Readers may be somewhat sceptical because, when asked, most people over­state their enthusiasm for recycling. But it is still the case that most people par­ticipate and are in favour.

With a largely positive attitude to recycling, are householders in favour of PAYT? Unsurprisingly, the survey reveals that 86% of respondents had not heard of PAYT. But once the system was explained to them, 34% were in favour and 37% said that they might be in favour – so that is 71% who like the idea or might be persuaded.

The possibility that PAYT would encourage more recycling was cited as the main appeal of the system by 79% of the respondents. The perceived fairness of PAYT also appealed to many respondents, with 40% saying that it is fairer on small households, and one in three saying it was fairer than intro­ducing a flat fee for waste collections.

Increased expense, fly-tipping and people dumping rubbish in neighbours’ bins were cited as key objections by the 29% not in favour of the idea. Concern that it would not be affordable for people on lower incomes was also a worry expressed by 62% of those against PAYT.

However, attitudes to PAYT changed when all householders surveyed by Pelican were asked about increased product consumption, reduced waste and increased recycling.
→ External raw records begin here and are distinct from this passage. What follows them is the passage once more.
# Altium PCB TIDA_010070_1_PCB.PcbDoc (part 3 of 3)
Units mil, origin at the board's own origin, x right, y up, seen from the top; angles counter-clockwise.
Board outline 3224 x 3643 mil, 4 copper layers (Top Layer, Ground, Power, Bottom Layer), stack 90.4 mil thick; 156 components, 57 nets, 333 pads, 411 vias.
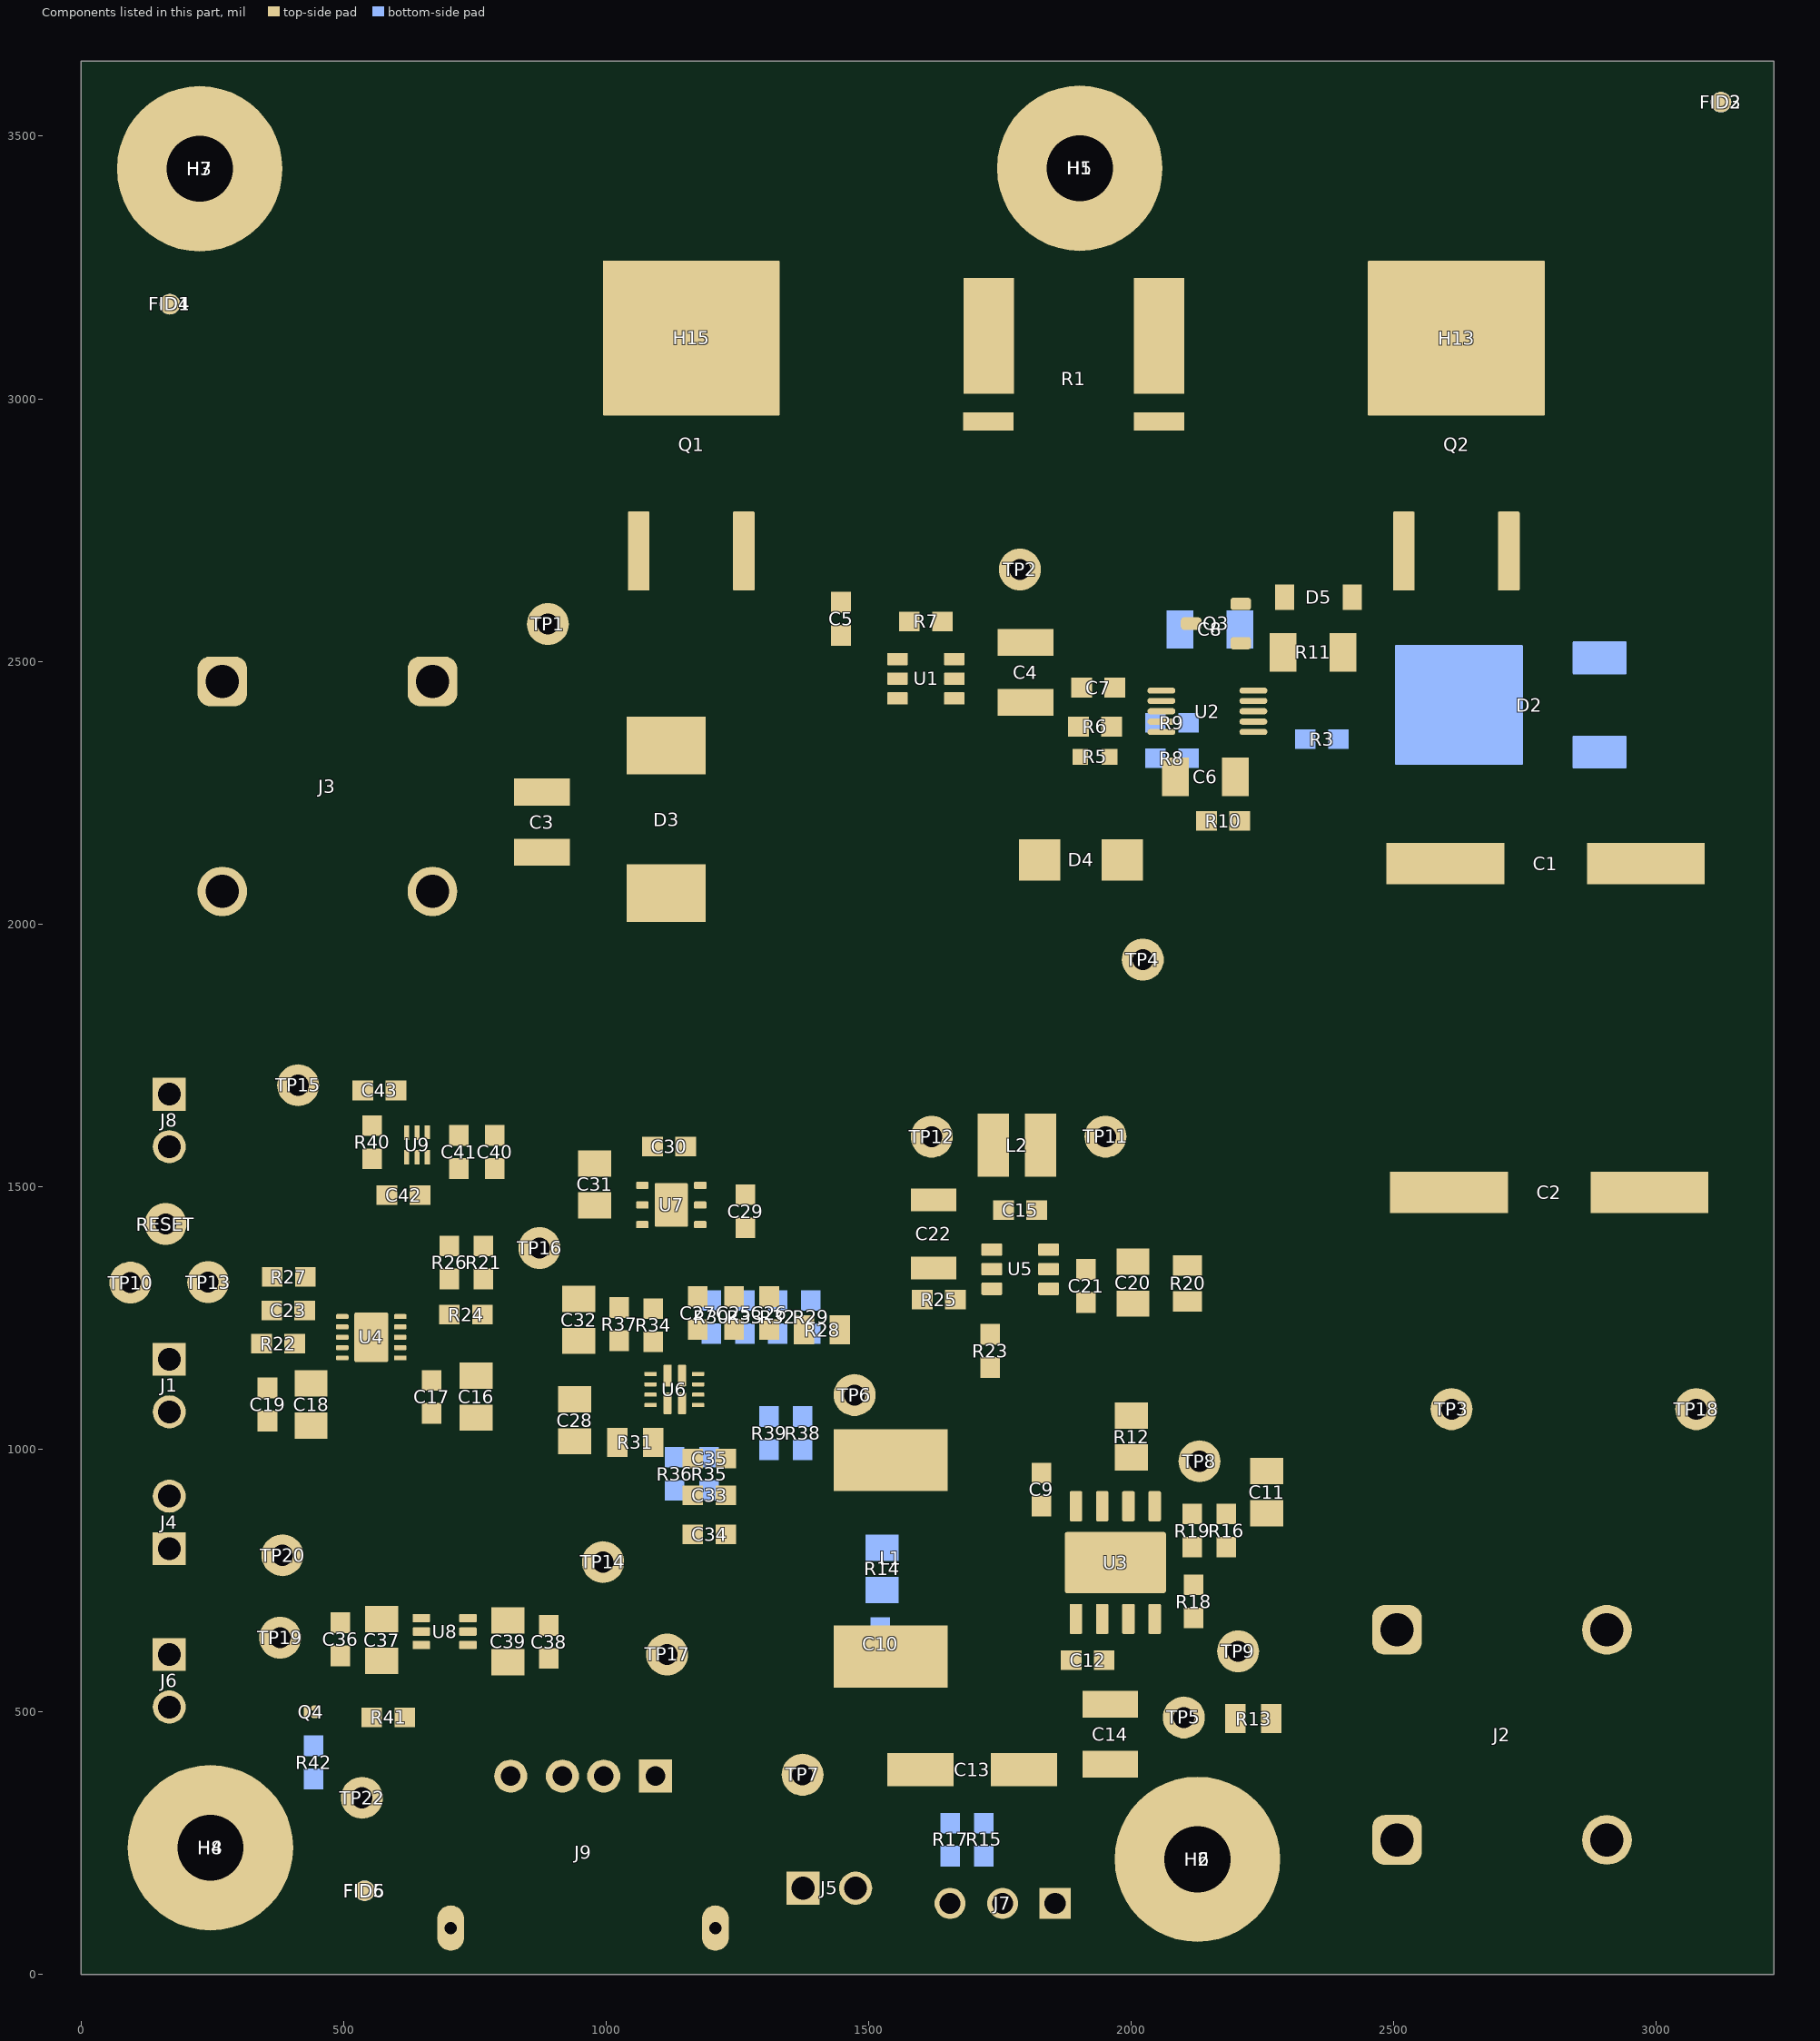
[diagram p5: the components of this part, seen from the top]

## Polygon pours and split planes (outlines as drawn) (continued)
NetC4_2 on Top Layer "Top Layer-No Net" (solid, remove dead copper, pour order 94): 1866,2496 1870,2500 1930,2500 1940,2510 1940,2741 1881,2800 1754,2800 1660,2894 1660,2990 1670,3000 1770,3000 1780,3010 1780,3229.15 1769.15,3240 1736.15,3240 1671,3305.15 1671,3582 1643,3610 419,3610 400,3591 400,3355.35 304.65,3260 304.65,3143.65 271,3110 60,3110 36.3,3086.3 36.3,2723.7 50,2710 470,2710 970,2710 980,2720 980,2807 989,2816 1437,2816 1442,2811 1442,2679 1451,2670 1595,2670 1621,2644 1621,2510 1635,2496 1697,2496
NetC5_1 on Top Layer "Top Layer-No Net" (solid, remove dead copper, pour order 92): 1594,2635.06 1583.06,2646 1409.02,2646 1404,2640.98 1404,2596 1409,2591 1529,2591 1539,2581 1539,2501 1549,2491 1573.92,2491 1573.92,2535.92 1589,2551 1594,2556
GND on Top Layer "Top Layer-No Net" (solid, remove dead copper, pour order 162): 623,1522 625,1524 633,1524 636,1527 644,1527 647,1524 680,1524 687,1531 687,1556 689,1558 807,1558 809,1556 809,1455 807,1453 625,1453 623,1455
Reset on Top Layer "Top Layer-No Net" (solid, remove dead copper, pour order 164): 565,1466 339,1466 258,1385 130,1385 120,1395 120,1461 130,1471 254,1471 352,1569 625,1569 625,1542 602,1519 602,1503
VCC_5V_MAINS on Top Layer "Top Layer-No Net" (solid, remove dead copper, pour order 166): 715.01,1178 761.11,1224.1 782.9,1224.1 790,1217 790,1116.36 784.64,1111 618,1111 600.49,1128.51 600.49,1178
VCC_ENC1 on Top Layer "Top Layer-No Net" (solid, remove dead copper, pour order 168): 50,1120 40,1130 40,1340 60,1360 119,1360 140,1339 140,1231 150,1221 334,1221 363.25,1221 367.54,1216.7 367.54,1168.51 374.71,1161 473.72,1161 486.35,1173.63 501.91,1173.63 504.26,1171.28 504.26,1105.26 490,1091 326,1091 297,1120
GND on Top Layer "Top Layer-GND 1" (solid, remove dead copper, pour order 170): 341,1068 466.08,1068 480.05,1054.04 480.05,1028.95 488,1021 634,1021 644,1031 644,1079 650,1085 784.18,1085 804,1065.18 804,931 794,921 363.82,921 354,930.82 354,1001 334,1021 334,1061
NetC23_2 on Top Layer "Top Layer-GND" (solid, remove dead copper, pour order 172): 512,1349 512,1271.91 522,1261.91 522,1087.05 506,1071.05 506,1050 509,1047 615,1047 619,1051 619,1074.15 587,1106.15 587,1243 591.06,1247.06 634.06,1247.06 644,1257 644,1351 654,1361 720,1361 724,1365 724,1421 714,1431 365,1431 335,1401 335,1318 335,1252 341,1246 389,1246 392,1249 392,1356 396,1360 501,1360
V_5VBAT on Top Layer "Top Layer-GND" (solid, remove dead copper, pour order 176): 50,710 661,710 664,707 664,701.33 664,671 615,671 606,662 606,652 605,651 460,651 440,631 440,570 430,560 260,560 50,560 40,570 40,700
VCC_ENC2 on Top Layer "Top Layer-GND" (solid, remove dead copper, pour order 178): 714,654.59 721,647.59 766.1,647.59 772.69,641 924,641 934,651 934,832.45 906.45,860 100,860 50,860 40,850 40,750 50,740 705,740 714,731
GND on Top Layer "Top Layer-GND" (solid, remove dead copper, pour order 180): 599.82,626 614,611.82 614,581.33 630.33,565 667,565 684,582 684,621 694,631 914,631 924,621 924,542 912,530 670,530 660,520 660,431 649,420 605,420 594,431 594,541 590,545 487,545 469.26,562.74 469.26,620.26 475,626
GND on Top Layer "Top Layer-GND" (solid, remove dead copper, pour order 192): 2820,50 2836,34 3183,34 3189.7,40.7 3189.7,2620.3 3159.85,2650.15 2830.15,2650.15 2820,2640
VCC_48V on Top Layer "Top Layer-GND" (solid, remove dead copper, pour order 198): 2620,2770 2630,2780 2764,2780 2774,2770 2774,50 2759.3,35.3 2344.7,35.3 2330,50 2330,406 2306,430 2251,430 2240,441 2240,528 2252,540 2295.75,540 2330,574.25 2330,1121 2330,2207 2470,2347 2470,2396 2456,2410 2432,2410 2426,2416 2426,2432.51 2433.49,2440 2457,2440 2470,2453 2470,2560 2480,2570 2578,2570 2620,2612
GND on Bottom Layer "Top Layer-GND" (solid, remove dead copper, pour order 274): 2120.69,2171.31 2082,2210 2082,2303 2092,2313 2092,2502 2052,2542 2052,2638 2064,2650 2291,2650 3160,2650 3189.89,2620.11 3190,2614 3190,80 3140,30 80,30 40.12,69.88 40.12,2131.12 80,2171 1289.17,2171 1350.17,2110 1850,2110 1900,2060 1900,1863.95 1919.95,1844 2101,1844 2120.69,1863.69
VCC_5V_MAINS on Bottom Layer "Top Layer-GND" (solid, remove dead copper, pour order 200): 1649,1389.8 1649.2,1389.8 1660,1379 1675,1379 1690,1394 1690,1400 1690,1661 1680.15,1670.85 1400.46,1670.85 1390,1660.39 1390,1400 1400.2,1389.8 1479.82,1389.8 1529.74,1389.8
VCC_5V_USB on Bottom Layer "Top Layer-GND" (solid, remove dead copper, pour order 210): 1050,680 1171,680 1180,671 1180,340 1170,330 1049.2,330 1040,339.2 1040,670
VCC_48V on Bottom Layer "Top Layer-GND" (solid, remove dead copper, pour order 242): 2330,50 2344.7,35.3 2759.3,35.3 2770,46 2770,2760 2750,2780 2630,2780 2620,2770 2620,2612 2598,2590 2380,2590 2367,2577 2367,2244 2330,2207 2330,1119
NetC9_1 on Bottom Layer "Top Layer-GND" (solid, remove dead copper, pour order 244): 1470,800 1480,790 1570,790 1580,800 1580,830 1590,840 1720,840 1730,850 1730,910 1720,920 1480,920 1470,910
VCC_15V on Bottom Layer "Top Layer-GND" (solid, remove dead copper, pour order 246): 1559.88,539.12 1570,529 1570,507 1560,497 1560,339.12 1549.88,329 1310.94,329 1299.94,340 1299.94,569.7 1310,579.75 1480.26,579.75 1488.26,588.26 1490,590 1490,610 1500,620 1549.88,620 1559.88,610
NetC4_2 on Bottom Layer "Top Layer-No Net" (solid, remove dead copper, pour order 256): 304.65,3260 304.65,3143.65 271,3110 60,3110 36.3,3086.3 36.3,2723.7 50,2710 470,2710 970,2710 980,2720 980,2810 990,2820 1359,2820 1440,2739 1509,2670 1620,2559 1683,2496 1699,2480 1868.16,2480 1894,2480 1901,2473 1920,2473 1927,2480 1941,2494 1941,2740 1780,2901 1780,3196.15 1736.15,3240 1671,3305.15 1671,3582 1643,3610 419,3610 400,3591 400,3355.35
NetH13_1 on Bottom Layer "Top Layer-No Net" (solid, remove dead copper, pour order 262): 3027,3619.7 3050,3596.7 3050,3500 3060,3490 3187.33,3490 3195,3482.33 3194.7,3446 3194.7,2695.7 3179,2680 2815,2680 2804,2691 2804,2791 2789,2806 2434,2806 2419,2791 2419,2701 2398,2680 2125,2680 2113.98,2691.02 2113.98,2876.02 1980.81,3009.19 1980.81,3329.81 2061,3410 2061,3570 2110.7,3619.7
NetC5_2 on Bottom Layer "Top Layer-GND" (solid, remove dead copper, pour order 266): 2120.69,2144.31 1995,2270 1942.6,2270 1935,2262.4 1935,2252 1927,2244 1890.27,2244 1880,2254.27 1880,2380 1870,2390 1631,2390 1530,2491 1431,2590 1350,2590 1340,2580 1340,2162.44 1361.44,2141 1867.41,2141 1916,2092.03 1916,1883.91 1929.94,1869.98 2097.98,1869.98 2120.69,1892.69
GND on Ground "Top Layer-GND" (solid, remove dead copper, pour order 268): 1295.95,2171 80,2171 40.12,2131.12 40.12,69.88 70,40 3150,40 3190,80 3190,2614 3189.89,2620.11 3160,2650 2280.16,2650 2250,2620.14 2250,2080 2240,2070 2160,2070 2150,2060 2150,2000 2140,1990 1910,1990 1900,2000 1900,2060 1850,2110 1356.95,2110
NetC5_2 on Ground "Top Layer-No Net" (solid, remove dead copper, pour order 122): 2150,2070 2160,2080 2160.69,2080 2233,2080 2244,2091 2244,2561 2235,2570 1980.09,2570 1970,2559.77 1970,2460 1960,2450 1601,2450 1590.18,2460.82 1590.18,2554.82 1575,2570 1370,2570 1360,2560 1360,2150 1370,2140 1871,2140 1916.05,2094.95 1916.05,1883.95 1930.02,1869.98 2129.44,1869.98 2150,1890.54
NetC23_2 on Ground "Top Layer-GND" (solid, remove dead copper, pour order 174): 334,1431 714,1431 724,1421 724,1051 714,1041 333.8,1041 324,1050.8 324,1421
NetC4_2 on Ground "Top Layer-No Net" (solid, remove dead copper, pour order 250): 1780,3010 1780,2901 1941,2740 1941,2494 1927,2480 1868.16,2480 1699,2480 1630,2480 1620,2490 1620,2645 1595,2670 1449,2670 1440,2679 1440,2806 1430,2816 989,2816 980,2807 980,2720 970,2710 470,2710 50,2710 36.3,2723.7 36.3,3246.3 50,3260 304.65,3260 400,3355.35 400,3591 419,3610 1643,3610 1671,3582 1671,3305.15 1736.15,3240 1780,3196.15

Sixty per cent of those surveyed said they would be more supportive of PAYT if it was guaranteed to tackle increasing waste production and product con­sumption. This went up to 65% being more supportive if PAYT schemes were guaranteed to increase recycling and had a beneficial environmental impact.

The survey also asked householders about their preferences for PAYT alter­natives, with 45% saying they would prefer rewards or payments to encour­age more recycling. Interestingly, reward schemes have been shown to have limited effect on increasing recy­cling rates.

Respondents were also asked if they felt that recycling services should be treated as a utility, allowing them to change suppliers and find cheaper options. Thirty one per cent said they felt it was a terrible idea, while 11% said they would like this option to be available now. A further 18% said they felt it would be a better option that PAYT.

Commenting on the findings, Pelican managing director Michael Bennett said: “These results highlight the importance of winning hearts and minds. If councils are considering introducing PAYT, they need to ensure they make a convincing environmental case for the system and that they can demonstrate such schemes deliver positive environ­mental results.

“In addition, they need to be very sen­sitive to the concerns of the third of respondents who are worried about increased costs and the adverse effects on lower income households, and ensure the system is equitable.

“Tough measures will need to be put in place to tackle waste crime and pre­vent larger households from dumping their rubbish in other peoples’ bins. With local authority budgets already stretched, there is little chance that money will be available for enforce­ment, but this is just the kind of issue that can make or break a system in the minds of residents.

“PAYT has the potential to give household recycling in England, Scot­land and Northern Ireland a much-needed shot in the arm. The concept already appeals to one-third of house­holds – and when the potential environ­mental benefits are explained in more detail, support jumps to more than 65% of the sample we surveyed.

“However, there are significant edu­cational, legal and political challenges that will have to be overcome. Only a very committed council would embark on its introduction without funding and political leadership from a city region, devolved administration or national Government.”